Hardin escribió su artículo en 1968, cuando la conciencia de las consecuencias del comportamiento imprudente de la humanidad estaba en pañales. Desde entonces, no hemos aprendido nada. No hemos refrescado nuestra educación; ni siquiera hemos empezado.
Los bienes comunes de la Tierra son finitos, aunque nos gustaría creer lo contrario. «Usar los bienes comunes como un pozo negro, no perjudica al público en condiciones de frontera porque no hay público», escribe Hardin en relación con los primeros colonos blancos de Estados Unidos. Pero «el mismo comportamiento en una metrópolis es insoportable».
Ahora que agotamos la reserva de aire fresco, agua dulce y fuentes de alimento de la Tierra, la escasez empieza a pasar factura. Alegóricamente, hemos pedido prestado a una tienda que parecía no tener encargado, pero nos equivocamos y ahora nos está cobrando la deuda.

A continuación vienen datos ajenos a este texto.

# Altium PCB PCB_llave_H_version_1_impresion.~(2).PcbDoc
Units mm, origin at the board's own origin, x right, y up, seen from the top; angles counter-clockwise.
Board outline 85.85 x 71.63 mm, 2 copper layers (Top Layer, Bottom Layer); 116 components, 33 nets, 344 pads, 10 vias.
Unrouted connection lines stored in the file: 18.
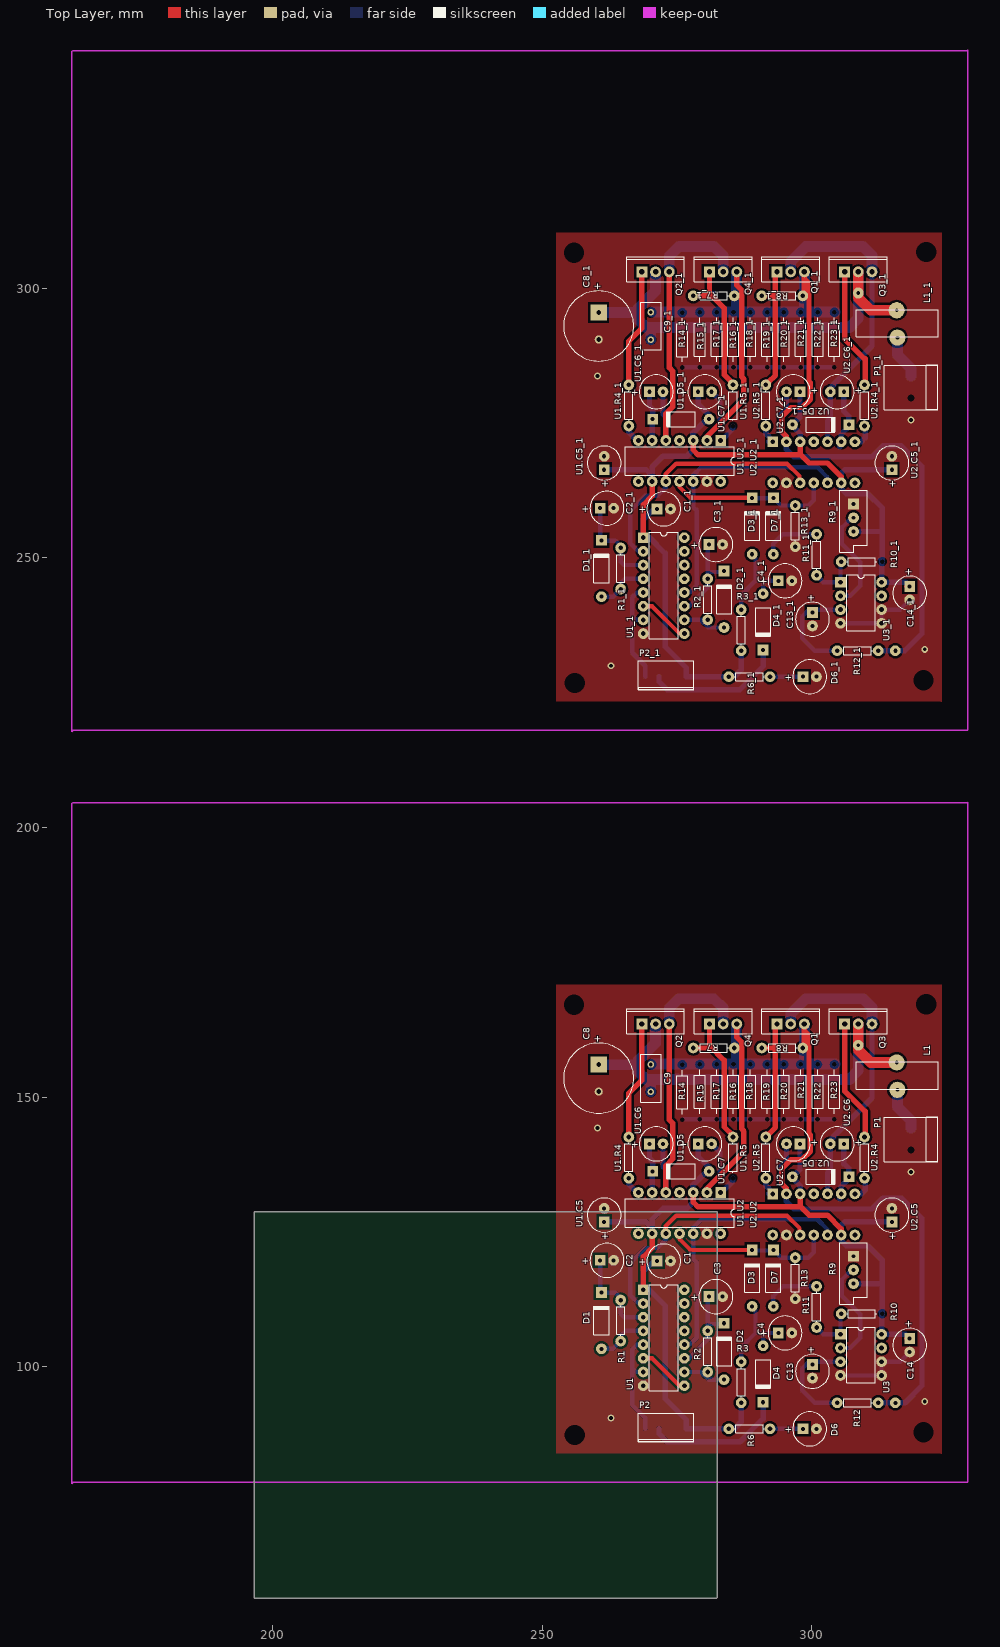
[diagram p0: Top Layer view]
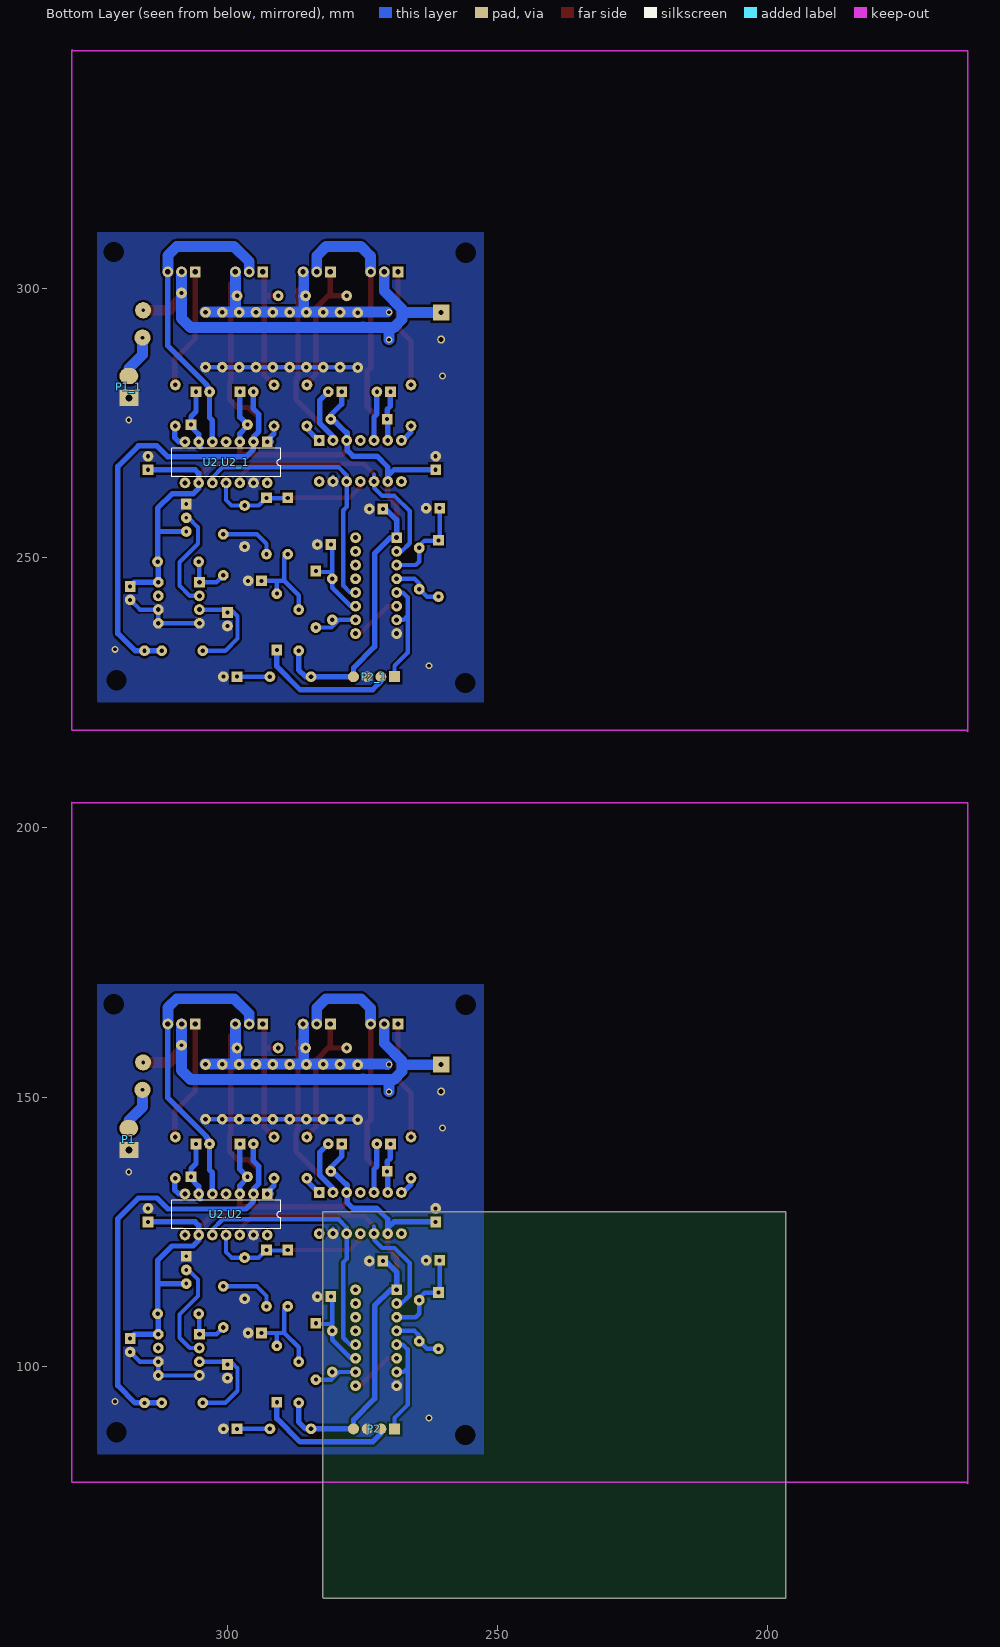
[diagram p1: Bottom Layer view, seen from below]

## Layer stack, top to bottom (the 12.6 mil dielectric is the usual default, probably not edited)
Top Layer: signal copper 0.0356
Dielectric: dielectric 0.32, FR-4, Dk 4.8
Bottom Layer: signal copper 0.0356

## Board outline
196.596,128.778 282.448,128.778 282.448,57.277 282.321,57.15 196.596,57.15

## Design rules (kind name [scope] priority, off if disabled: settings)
Clearance [All] p1: gap=0.4
ComponentClearance [All] p1: gap=0.254 collisioncheckmode=2 verticalgap=0.254
PlaneConnect [All] p1: planeconnectstyle=Direct reliefexpansion=0.508 reliefentries=4 reliefconductorwidth=0.254 reliefairgap=0.254
PolygonConnect [All] p1: connectstyle=Direct reliefconductorwidth=0.254 reliefentries=4 polygonreliefangle="90 Angle"
RoomDefinition U2_1 [InComponentClass('U2')] p1: confinementstyle=ConfineIn formatcopy=TRUE lockcomponents=FALSE outline 311.404,303.657 311.404,256.032 279.527,256.032 279.527,303.657
RoomDefinition U1_1 [InComponentClass('U1')] p2: confinementstyle=ConfineIn formatcopy=TRUE lockcomponents=FALSE outline 255.397,298.069 255.397,257.556 287.02,257.556 287.02,298.069
RoomDefinition U_Puente_H_1 [InComponentClass('U_Puente_H')] p3: confinementstyle=ConfineIn formatcopy=TRUE lockcomponents=FALSE outline 253.746,309.245 324.104,309.245 324.104,274.447 253.746,274.447
RoomDefinition U_INITShutdown_1 [InComponentClass('U_INITShutdown')] p4: confinementstyle=ConfineIn formatcopy=TRUE lockcomponents=FALSE outline 282.956,225.298 298.704,225.298 298.704,263.144 282.956,263.144
RoomDefinition U_Shutdown_1 [InComponentClass('U_Shutdown')] p5: confinementstyle=ConfineOut formatcopy=TRUE lockcomponents=FALSE outline 285.115,227.838 285.115,229.235 288.417,229.235 288.417,227.838
RoomDefinition Llave_H_esquema_1 [InComponentClass('Llave_H_esquema')] p6: confinementstyle=ConfineIn formatcopy=TRUE lockcomponents=FALSE outline 324.104,223.393 324.104,309.245 252.603,309.245 252.603,223.393
RoomDefinition U_4049_1 [InComponentClass('U_4049')] p7: confinementstyle=ConfineIn formatcopy=TRUE lockcomponents=FALSE outline 287.528,233.172 287.528,267.208 257.048,267.208 257.048,233.172
RoomDefinition U2 [InComponentClass('U2')] p8: confinementstyle=ConfineIn formatcopy=TRUE lockcomponents=FALSE outline 311.404,164.211 311.404,116.586 279.527,116.586 279.527,164.211
RoomDefinition U1 [InComponentClass('U1')] p9: confinementstyle=ConfineIn formatcopy=TRUE lockcomponents=FALSE outline 255.397,158.623 255.397,118.11 287.02,118.11 287.02,158.623
RoomDefinition U_Puente_H [InComponentClass('U_Puente_H')] p10: confinementstyle=ConfineIn formatcopy=TRUE lockcomponents=FALSE outline 253.746,169.799 324.104,169.799 324.104,135.001 253.746,135.001
RoomDefinition U_INITShutdown [InComponentClass('U_INITShutdown')] p11: confinementstyle=ConfineIn formatcopy=TRUE lockcomponents=FALSE outline 282.956,85.852 298.704,85.852 298.704,123.698 282.956,123.698
RoomDefinition U_Shutdown [InComponentClass('U_Shutdown')] p12: confinementstyle=ConfineOut formatcopy=TRUE lockcomponents=FALSE outline 285.115,88.392 285.115,89.789 288.417,89.789 288.417,88.392
RoomDefinition Llave_H_esquema [InComponentClass('Llave_H_esquema')] p13: confinementstyle=ConfineIn formatcopy=TRUE lockcomponents=FALSE outline 324.104,83.947 324.104,169.799 252.603,169.799 252.603,83.947
RoomDefinition U_4049 [InComponentClass('U_4049')] p14: confinementstyle=ConfineIn formatcopy=TRUE lockcomponents=FALSE outline 287.528,93.726 287.528,127.762 257.048,127.762 257.048,93.726
RoutingVias [All] p1: holewidth=0.711 width=1.27 viastyle="Through Hole" minholewidth=0.711 minwidth=1.27 maxholewidth=0.711 maxwidth=1.27
SolderMaskExpansion [All] p1: expansion=0.102
TestPointUsage [All] p1: valid=0 allowmultiple=FALSE
Testpoint [All] p1: side=15 testpointundercomponent=TRUE minsize=1.016 maxsize=2.54 preferedsize=1.524 minholesize=0 maxholesize=1.016 preferedholesize=0.813 testpointgrid=0.025 style=1023 order=0-112345678
Width [All] p1: maxlimit=3 minlimit=0.8 preferedwidth=1
17 further rules are at their usual default settings.

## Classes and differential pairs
component class U2: D5 U2.C5 U2.C6 U2.C7 U2.D5 U2.R4 U2.R5 U2.U2 U_2.D5 U_2_C5 U_2_C6 U_2_C7 U_2_R4 U_2_R5 U_2_U2
component class U1: U1.C5 U1.C6 U1.C7 U1.D5 U1.R4 U1.R5 U1.U2 U_1_C5 U_1_C6 U_1_C7 U_1_D5 U_1_R4 U_1_R5 U_1_U2
component class U_INITShutdown: C4 D3 D4 R3
channel class IR2110: U1 U2
component class U_Shutdown: C13 C14 D7 R9 R10 R11 R12 R13 R14 R15 R16 R17 R18 R19 R20 R21 R22 R23 U3
component class U_Puente_H: C8 C9 L1 Q1 Q2 Q3 Q4 R7 R8
component class U_4049: C1 C2 C3 D1 D2 R1 R2 U1
component class Llave_H_esquema: D6 P1 P2 R6

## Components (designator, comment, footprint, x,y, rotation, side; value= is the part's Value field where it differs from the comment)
C1 "Cap Pol1 0.1u" CAPPR2.5-6.3X5 272.542,119.634 r0 top
C1_1 "Cap Pol1 0.1u" CAPPR2.5-6.3X5 272.542,259.08 r0 top (schematic designator C1)
C2 "Cap Pol1" CAPPR2.5-6.3X5 262.001,119.761 r0 top
C2_1 "Cap Pol1" CAPPR2.5-6.3X5 262.001,259.207 r0 top (schematic designator C2)
C3 "Cap Pol1" CAPPR2.5-6.3X5 282.194,113.03 r0 top
C3_1 "Cap Pol1" CAPPR2.5-6.3X5 282.194,252.476 r0 top (schematic designator C3)
C4 "Cap Pol1 4.7u" CAPPR2.5-6.3X5 295.021,106.299 r0 top
C4_1 "Cap Pol1 4.7u" CAPPR2.5-6.3X5 295.021,245.745 r0 top (schematic designator C4)
C8 "Cap Pol1" CAPPR5-13X16 260.477,153.543 r270 top
C8_1 "Cap Pol1" CAPPR5-13X16 260.477,292.989 r270 top (schematic designator C8)
C9 "Cap" RAD-0.2 270.129,153.543 r270 top
C9_1 "Cap" RAD-0.2 270.129,292.989 r270 top (schematic designator C9)
C13 "Cap Pol1 4.7u" CAPPR2.5-6.3X5 300.101,99.187 r270 top
C13_1 "Cap Pol1 4.7u" CAPPR2.5-6.3X5 300.101,238.633 r270 top (schematic designator C13)
C14 "Cap Pol1 0.1u" CAPPR2.5-6.3X5 318.135,104.013 r270 top
C14_1 "Cap Pol1 0.1u" CAPPR2.5-6.3X5 318.135,243.459 r270 top (schematic designator C14)
D1 "Diode1" DO-204AL 260.985,108.585 r90 top
D1_1 "Diode1" DO-204AL 260.985,248.031 r90 top (schematic designator D1)
D2 "Diode1" DO-204AL 283.718,102.87 r90 top
D2_1 "Diode1" DO-204AL 283.718,242.316 r90 top (schematic designator D2)
D3 "Diode1" DO-204AL 288.925,116.459 r90 top
D3_1 "Diode1" DO-204AL 288.925,255.905 r90 top (schematic designator D3)
D4 "Diode1" DO-204AL 290.957,98.679 r270 top
D4_1 "Diode1" DO-204AL 290.957,238.125 r270 top (schematic designator D4)
D6 "LED0" CAPPR2.5-6.3X5 299.593,88.519 r0 top
D6_1 "LED0" CAPPR2.5-6.3X5 299.593,227.965 r0 top (schematic designator D6)
D7 "Diode1" DO-204AL 292.862,116.459 r90 top
D7_1 "Diode1" DO-204AL 292.862,255.905 r90 top (schematic designator D7)
L1 "Inductor" bobina_Choque 313.309,151.511 r0 top
L1_1 "Inductor" bobina_Choque 313.309,290.957 r0 top (schematic designator L1)
P1 "Header 2" pwheader1x2 318.389,142.367 r90 top
P1_1 "Header 2" pwheader1x2 318.389,281.813 r90 top (schematic designator P1)
P2 "Header 4" HDR1X5 276.733,80.899 r0 top
P2_1 "Header 4" HDR1X5 276.733,220.345 r0 top (schematic designator P2)
Q1 "IRF3205" TO-220AB 308.61,163.576 r0 top
Q1_1 "IRF3205" TO-220AB 308.61,303.022 r0 top (schematic designator Q1)
Q2 "IRF3205" TO-220AB 271.018,163.576 r0 top
Q2_1 "IRF3205" TO-220AB 271.018,303.022 r0 top (schematic designator Q2)
Q3 "IRF3205" TO-220AB 296.079,163.576 r0 top
Q3_1 "IRF3205" TO-220AB 296.079,303.022 r0 top (schematic designator Q3)
Q4 "IRF3205" TO-220AB 283.549,163.576 r0 top
Q4_1 "IRF3205" TO-220AB 283.549,303.022 r0 top (schematic designator Q4)
R1 "18k" AXIAL-0.3#1 264.541,108.585 r270 top
R1_1 "18k" AXIAL-0.3#1 264.541,248.031 r270 top (schematic designator R1)
R2 "18k" AXIAL-0.3#1 280.67,102.87 r90 top
R2_1 "18k" AXIAL-0.3#1 280.67,242.316 r90 top (schematic designator R2)
R3 "4.7k" AXIAL-0.3#1 286.893,97.155 r270 top
R3_1 "4.7k" AXIAL-0.3#1 286.893,236.601 r270 top (schematic designator R3)
R6 "1.2k" AXIAL-0.3#1 288.417,88.519 r180 top
R6_1 "1.2k" AXIAL-0.3#1 288.417,227.965 r180 top (schematic designator R6)
R7 "6.8" AXIAL-0.3#1 281.813,159.131 r180 top
R7_1 "6.8" AXIAL-0.3#1 281.813,298.577 r180 top (schematic designator R7)
R8 "6.8" AXIAL-0.3#2 294.513,159.131 r180 top
R8_1 "6.8" AXIAL-0.3#2 294.513,298.577 r180 top (schematic designator R8)
R9 "RPot" VR5 307.721,117.983 r270 top
R9_1 "RPot" VR5 307.721,257.429 r270 top (schematic designator R9)
R10 "3.3k" AXIAL-0.3#3 309.245,109.855 r0 top
R10_1 "3.3k" AXIAL-0.3#3 309.245,249.301 r0 top (schematic designator R10)
R11 "470" AXIAL-0.3#1 300.863,111.125 r90 top
R11_1 "470" AXIAL-0.3#1 300.863,250.571 r90 top (schematic designator R11)
R12 "6.8" AXIAL-0.3#1 308.483,93.345 r180 top locked
R12_1 "6.8" AXIAL-0.3#1 308.483,232.791 r180 top locked (schematic designator R12)
R13 "10k" AXIAL-0.3#1 296.926,116.459 r90 top
R13_1 "10k" AXIAL-0.3#1 296.926,255.905 r90 top (schematic designator R13)
R14 "Res2" AXIAL-0.4#1 275.971,150.936 r90 top
R14_1 "Res2" AXIAL-0.4#1 275.971,290.382 r90 top (schematic designator R14)
R15 "Res2" AXIAL-0.4#1 279.227,151.003 r90 top
R15_1 "Res2" AXIAL-0.4#1 279.227,290.449 r90 top (schematic designator R15)
R16 "Res2" AXIAL-0.4#1 282.344,151.003 r90 top
R16_1 "Res2" AXIAL-0.4#1 282.344,290.449 r90 top (schematic designator R16)
R17 "Res2" AXIAL-0.4#1 285.462,151.003 r90 top
R17_1 "Res2" AXIAL-0.4#1 285.462,290.449 r90 top (schematic designator R17)
R18 "Res2" AXIAL-0.4#1 288.579,151.003 r90 top
R18_1 "Res2" AXIAL-0.4#1 288.579,290.449 r90 top (schematic designator R18)
R19 "Res2" AXIAL-0.4#1 291.696,151.003 r90 top
R19_1 "Res2" AXIAL-0.4#1 291.696,290.449 r90 top (schematic designator R19)
R20 "Res2" AXIAL-0.4#2 294.813,151.003 r90 top
R20_1 "Res2" AXIAL-0.4#2 294.813,290.449 r90 top (schematic designator R20)
R21 "Res2" AXIAL-0.4#2 297.931,151.003 r90 top
R21_1 "Res2" AXIAL-0.4#2 297.931,290.449 r90 top (schematic designator R21)
R22 "Res2" AXIAL-0.4#2 301.048,151.003 r90 top
R22_1 "Res2" AXIAL-0.4#2 301.048,290.449 r90 top (schematic designator R22)
R23 "Res2" AXIAL-0.4#2 304.165,151.003 r90 top
R23_1 "Res2" AXIAL-0.4#2 304.165,290.449 r90 top (schematic designator R23)
U1 "MC54HC4049J" 620-09 272.542,105.41 r270 top
U1.C5 "Cap Pol1 4.7u" CAPPR2.5-6.3X5 261.493,128.143 r90 top (schematic designator C5)
U1.C5_1 "Cap Pol1 4.7u" CAPPR2.5-6.3X5 261.493,267.589 r90 top (schematic designator C5)
U1.C6 "Cap Pol1" CAPPR2.5-6.3X5 271.145,141.351 r0 top (schematic designator C6)
U1.C6_1 "Cap Pol1" CAPPR2.5-6.3X5 271.145,280.797 r0 top (schematic designator C6)
U1.C7 "Cap Pol1" CAPPR2.5-6.3X5 280.162,141.351 r0 top (schematic designator C7)
U1.C7_1 "Cap Pol1" CAPPR2.5-6.3X5 280.162,280.797 r0 top (schematic designator C7)
U1.D5 "Diode" DO-204AL 275.717,136.271 r180 top (schematic designator D5)
U1.D5_1 "Diode" DO-204AL 275.717,275.717 r180 top (schematic designator D5)
U1.R4 "10" AXIAL-0.3#1 266.065,138.811 r90 top (schematic designator R4)
U1.R4_1 "10" AXIAL-0.3#1 266.065,278.257 r90 top (schematic designator R4)
U1.R5 "10" AXIAL-0.3#4 285.369,138.811 r90 top (schematic designator R5)
U1.R5_1 "10" AXIAL-0.3#4 285.369,278.257 r90 top (schematic designator R5)
U1.U2 "IR2110" PDIP14 275.463,128.524 r180 top (schematic designator U2)
U1.U2_1 "IR2110" PDIP14 275.463,267.97 r180 top (schematic designator U2)
U1_1 "MC54HC4049J" 620-09 272.542,244.856 r270 top (schematic designator U1)
U2.C5 "Cap Pol1 4.7u" CAPPR2.5-6.3X5 314.833,128.143 r90 top (schematic designator C5)
U2.C5_1 "Cap Pol1 4.7u" CAPPR2.5-6.3X5 314.833,267.589 r90 top (schematic designator C5)
U2.C6 "Cap Pol1" CAPPR2.5-6.3X5 304.673,141.351 r180 top (schematic designator C6)
U2.C6_1 "Cap Pol1" CAPPR2.5-6.3X5 304.673,280.797 r180 top (schematic designator C6)
U2.C7 "Cap Pol1" CAPPR2.5-6.3X5 296.545,141.351 r180 top (schematic designator C7)
U2.C7_1 "Cap Pol1" CAPPR2.5-6.3X5 296.545,280.797 r180 top (schematic designator C7)
U2.D5 "Diode" DO-204AL 301.625,135.255 r0 top (schematic designator D5)
U2.D5_1 "Diode" DO-204AL 301.625,274.701 r0 top (schematic designator D5)
U2.R4 "10" AXIAL-0.3#1 309.753,138.811 r90 top (schematic designator R4)
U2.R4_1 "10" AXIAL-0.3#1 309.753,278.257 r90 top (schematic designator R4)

Sin embargo, podemos evitar la incipiente catástrofe del agotamiento. Si aplicamos (por fin) la autoeducación que tanto necesitamos, nos daremos cuenta de que hay mucha comida, aire fresco y agua dulce para todos. Producimos mucho más de lo que consumimos. Si tuviéramos sentido de responsabilidad mutua y los bienes fueran realmente para los que los necesitan, reduciríamos la producción de forma tan drástica, que no nos preocuparíamos por las cuotas de emisiones ni por otras limitaciones.
La raíz de nuestro problema no es que estemos agotando la Tierra, sino que intentamos destruirnos o al menos controlarnos unos a otros. Como resultado, infligimos a toda la naturaleza y a nosotros mismos una tragedia existencial.
Sólo podremos cambiar nuestro modus operandi, si cambiamos nuestra motivación y pasamos de aspirar a destruir a los demás a, aspirar a construirlos. Cuando entendamos que sólo podemos florecer en un entorno social floreciente, empezaremos a pensar en los demás de forma constructiva y prosocial y transformaremos nuestro mundo.
Por eso, un proceso educativo que nos ayude a entender que todos dependemos de todos, en todos los sentidos, debería ser el componente esencial, la base de cualquier programa destinado a mitigar todos los problemas: desde depresión hasta deforestación.